Further Reading: Exploring Data — Graphs and Descriptive Statistics

Recommended Resources for Data Visualization and Exploratory Data Analysis

Books (Start Here)

Tufte, E. R. (2001). The Visual Display of Quantitative Information (2nd ed.). Graphics Press. The undisputed classic of data visualization. Tufte coined terms like "chartjunk" (unnecessary visual clutter) and "data-ink ratio" (the proportion of ink devoted to actual data versus decoration). His principles — maximize data, minimize ink, avoid distortion — are the foundation of every good graph you'll ever make. The book is beautifully designed and reads like an art book. Even if you only look at the pictures, you'll come away with a sharper eye for effective visualization.

Cairo, A. (2019). How Charts Lie: Getting Smarter About Visual Information. W.W. Norton & Company. If Case Study 1 (misleading graphs) grabbed your attention, this is the book to read next. Alberto Cairo — a data journalism professor at the University of Miami — walks through dozens of real-world examples of deceptive graphs, from political ads to health infographics. He shows you exactly how each one misleads and teaches you to read graphs critically. Accessible, entertaining, and deeply practical.

Schwabish, J. (2021). Better Data Visualizations: A Guide for Scholars, Researchers, and Wonks. Columbia University Press. A practical guide to creating clear, effective visualizations — particularly useful if you're creating graphs for reports, presentations, or publications. Schwabish covers chart selection, color use, annotation, and layout. More focused on production than theory, making it a great companion to Tufte's more philosophical approach.

Wheelan, C. (2013). Naked Statistics: Stripping the Dread from the Data. W.W. Norton & Company. Chapters 3-4 cover the descriptive statistics concepts from this chapter (and Chapter 6) in the same conversational tone as this textbook. Wheelan's explanations of distributions, averages, and misleading statistics are some of the clearest in popular writing. If you enjoyed this chapter's style, you'll enjoy Wheelan.

Wilke, C. O. (2019). Fundamentals of Data Visualization. O'Reilly Media. A comprehensive, principle-based guide to choosing and creating visualizations. Available free online at clauswilke.com/dataviz/. Wilke covers every graph type in this chapter (and many more) with clear guidance on when each is appropriate. The "directory of visualizations" chapters are especially useful as a quick-reference guide. Highly recommended for the Python-inclined reader.

Articles and Papers

Anscombe, F. J. (1973). "Graphs in Statistical Analysis." The American Statistician, 27(1), 17-21. One of the most famous short papers in statistics. Anscombe created four datasets — now known as Anscombe's Quartet — that have identical summary statistics (same mean, same standard deviation, same correlation) but look completely different when graphed. This paper is the single best argument for why you should always visualize your data before analyzing it. It's only five pages and entirely accessible to beginners. If you read one supplementary paper for this chapter, make it this one.
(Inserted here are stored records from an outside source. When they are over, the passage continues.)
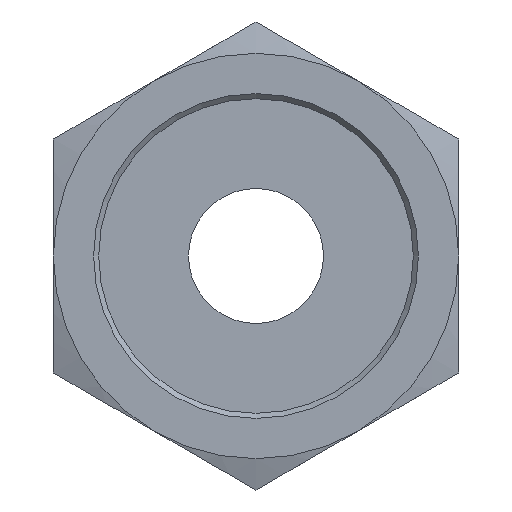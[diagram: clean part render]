
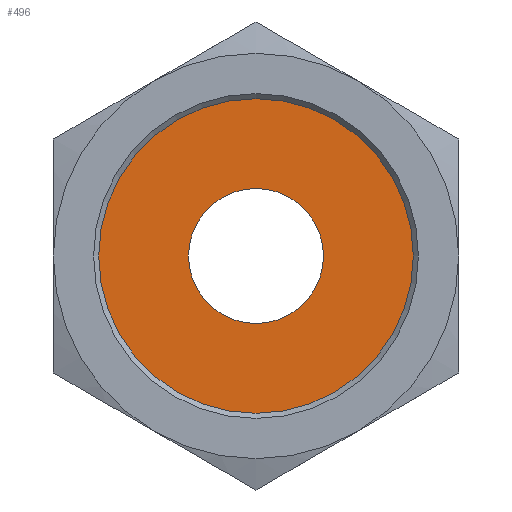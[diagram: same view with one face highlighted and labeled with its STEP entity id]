
A CAD part, front view. The second image highlights one B-rep face of the part: STEP entity #496.
In plain terms, the highlighted planar face has unit normal (0, -1, 0).
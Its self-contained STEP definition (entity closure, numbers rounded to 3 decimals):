
#56=FACE_BOUND('',#126,.T.);
#64=PLANE('',#578);
#86=FACE_OUTER_BOUND('',#125,.T.);
#125=EDGE_LOOP('',(#380));
#126=EDGE_LOOP('',(#381));
#187=CIRCLE('',#547,4.);
#202=CIRCLE('',#570,9.316);
#220=VERTEX_POINT('',#773);
#234=VERTEX_POINT('',#815);
#265=EDGE_CURVE('',#220,#220,#187,.T.);
#285=EDGE_CURVE('',#234,#234,#202,.T.);
#380=ORIENTED_EDGE('',*,*,#285,.T.);
#381=ORIENTED_EDGE('',*,*,#265,.T.);
#496=ADVANCED_FACE('',(#86,#56),#64,.T.);
#547=AXIS2_PLACEMENT_3D('',#775,#621,#622);
#570=AXIS2_PLACEMENT_3D('',#817,#672,#673);
#578=AXIS2_PLACEMENT_3D('',#831,#688,#689);
#621=DIRECTION('center_axis',(0.,1.,0.));
#622=DIRECTION('ref_axis',(1.,0.,0.));
#672=DIRECTION('center_axis',(0.,-1.,0.));
#673=DIRECTION('ref_axis',(1.,0.,0.));
#688=DIRECTION('center_axis',(0.,-1.,0.));
#689=DIRECTION('ref_axis',(1.,0.,0.));
#773=CARTESIAN_POINT('',(-4.,14.5,0.));
#775=CARTESIAN_POINT('Origin',(0.,14.5,0.));
#815=CARTESIAN_POINT('',(-9.316,14.5,0.));
#817=CARTESIAN_POINT('Origin',(0.,14.5,0.));
#831=CARTESIAN_POINT('Origin',(0.,14.5,0.));

Matejka, J., & Fitzmaurice, G. (2017). "Same Stats, Different Graphs: Generating Datasets with Varied Appearance and Identical Statistics through Simulated Annealing." Proceedings of the 2017 CHI Conference on Human Factors in Computing Systems, 1290-1294. A modern extension of Anscombe's Quartet that creates a dinosaur-shaped dataset, a star-shaped dataset, and several others — all with identical summary statistics. The paper demonstrates, unforgettably, that summary statistics can be wildly misleading. Search for "Datasaurus Dozen" to see the visualizations.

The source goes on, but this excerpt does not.